EXERCISE PROMPT » Reproduce every entry word for word. Drop all pictures from the copy.

------------------------------

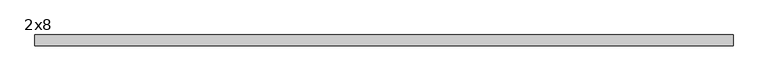
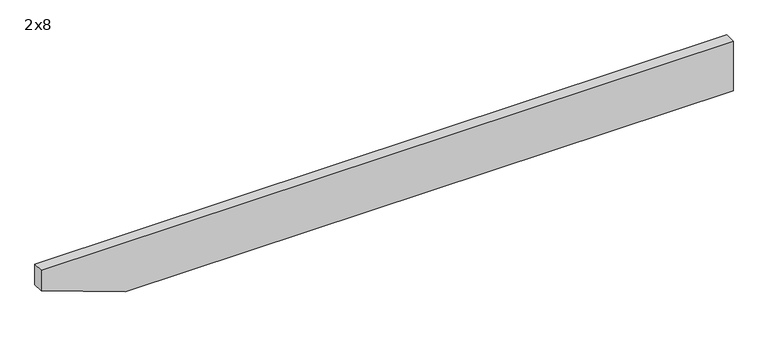
"""IFC4 building model written with IfcOpenShell, lengths in millimetres: beam geometry, Dimension Lumber - Truncated : 2x8."""

from ifc_helpers import new_model, si_unit, frame, origin, place, context, project, spatial, polyline, outline, extrude, source, transform, mapped, element, save


def beam_2x8_64904455(model_context):
    return source(origin(), model_context, "Body", "SweptSolid", [
        extrude(outline(polyline([(-92.075, 1219.2), (92.075, 1219.2), (92.075, -1219.2), (15.875, -1219.2), (-92.075, -922.6098126), (-92.075, 1219.2)])), frame((0.0, -19.05, 0.0), z_axis=(0.0, 1.0, 0.0), x_axis=(0.0, 0.0, 1.0)), (0.0, 0.0, 1.0), 38.1),
    ])


if __name__ == "__main__":
    model = new_model("IFC4")
    model_context = context("Model", 3, world=origin())
    ifc_project = project(units=[si_unit("LENGTHUNIT", "METRE", prefix="MILLI")], contexts=[model_context])
    site = spatial("IfcSite", under=ifc_project)
    building = spatial("IfcBuilding", under=site)
    placement = place(None, origin())
    beam_2x8_shape = beam_2x8_64904455(model_context)
    element("IfcBeam", 1, ObjectType="Dimension Lumber - Truncated : 2x8", at=placement, inside=building, context=model_context, shape_type="MappedRepresentation", body=[
        mapped(beam_2x8_shape, transform((0.0, 0.0, 0.0), x_axis=(1.0, 0.0, 0.0), y_axis=(0.0, 1.0, 0.0), z_axis=(0.0, 0.0, 1.0))),
    ])
    save(model, "model.ifc")

# Revit data of these elements
# Type "Dimension Lumber - Truncated : 2x8"
#   Assembly Code = "B10"
#   Leading Edge Dimension = 0' - 3"
#   Start Angle = 70.00°
#   End Angle = 0.00°
#   A = 0.0755556 SF
#   Length [instance default] = 5' - 0"
#   b = 0' - 1 1/2"
#   d = 0' - 7 1/4"
#   Structural Material = Softwood, Lumber - hortz
# Element 1 (IfcBeam, "Dimension Lumber - Truncated : 2x8")
#   Materials on its faces: "Softwood, Lumber - hortz"
# Materials
#   "Softwood, Lumber - hortz": class "Wood", colour RGB 131 91 56, transparency 0, Description = "Pinus Echinata", Cost = 0

------------------------------

EXPECTED ANSWER »
"""IFC4 building model written with IfcOpenShell, lengths in millimetres: beam geometry, Dimension Lumber - Truncated : 2x8."""

from ifc_helpers import new_model, si_unit, frame, origin, place, context, project, spatial, polyline, outline, extrude, source, transform, mapped, element, save


def beam_2x8_64904455(model_context):
    return source(origin(), model_context, "Body", "SweptSolid", [
        extrude(outline(polyline([(-92.075, 1219.2), (92.075, 1219.2), (92.075, -1219.2), (15.875, -1219.2), (-92.075, -922.6098126), (-92.075, 1219.2)])), frame((0.0, -19.05, 0.0), z_axis=(0.0, 1.0, 0.0), x_axis=(0.0, 0.0, 1.0)), (0.0, 0.0, 1.0), 38.1),
    ])


if __name__ == "__main__":
    model = new_model("IFC4")
    model_context = context("Model", 3, world=origin())
    ifc_project = project(units=[si_unit("LENGTHUNIT", "METRE", prefix="MILLI")], contexts=[model_context])
    site = spatial("IfcSite", under=ifc_project)
    building = spatial("IfcBuilding", under=site)
    placement = place(None, origin())
    beam_2x8_shape = beam_2x8_64904455(model_context)
    element("IfcBeam", 1, ObjectType="Dimension Lumber - Truncated : 2x8", at=placement, inside=building, context=model_context, shape_type="MappedRepresentation", body=[
        mapped(beam_2x8_shape, transform((0.0, 0.0, 0.0), x_axis=(1.0, 0.0, 0.0), y_axis=(0.0, 1.0, 0.0), z_axis=(0.0, 0.0, 1.0))),
    ])
    save(model, "model.ifc")

# Revit data of these elements
# Type "Dimension Lumber - Truncated : 2x8"
#   Assembly Code = "B10"
#   Leading Edge Dimension = 0' - 3"
#   Start Angle = 70.00°
#   End Angle = 0.00°
#   A = 0.0755556 SF
#   Length [instance default] = 5' - 0"
#   b = 0' - 1 1/2"
#   d = 0' - 7 1/4"
#   Structural Material = Softwood, Lumber - hortz
# Element 1 (IfcBeam, "Dimension Lumber - Truncated : 2x8")
#   Materials on its faces: "Softwood, Lumber - hortz"
# Materials
#   "Softwood, Lumber - hortz": class "Wood", colour RGB 131 91 56, transparency 0, Description = "Pinus Echinata", Cost = 0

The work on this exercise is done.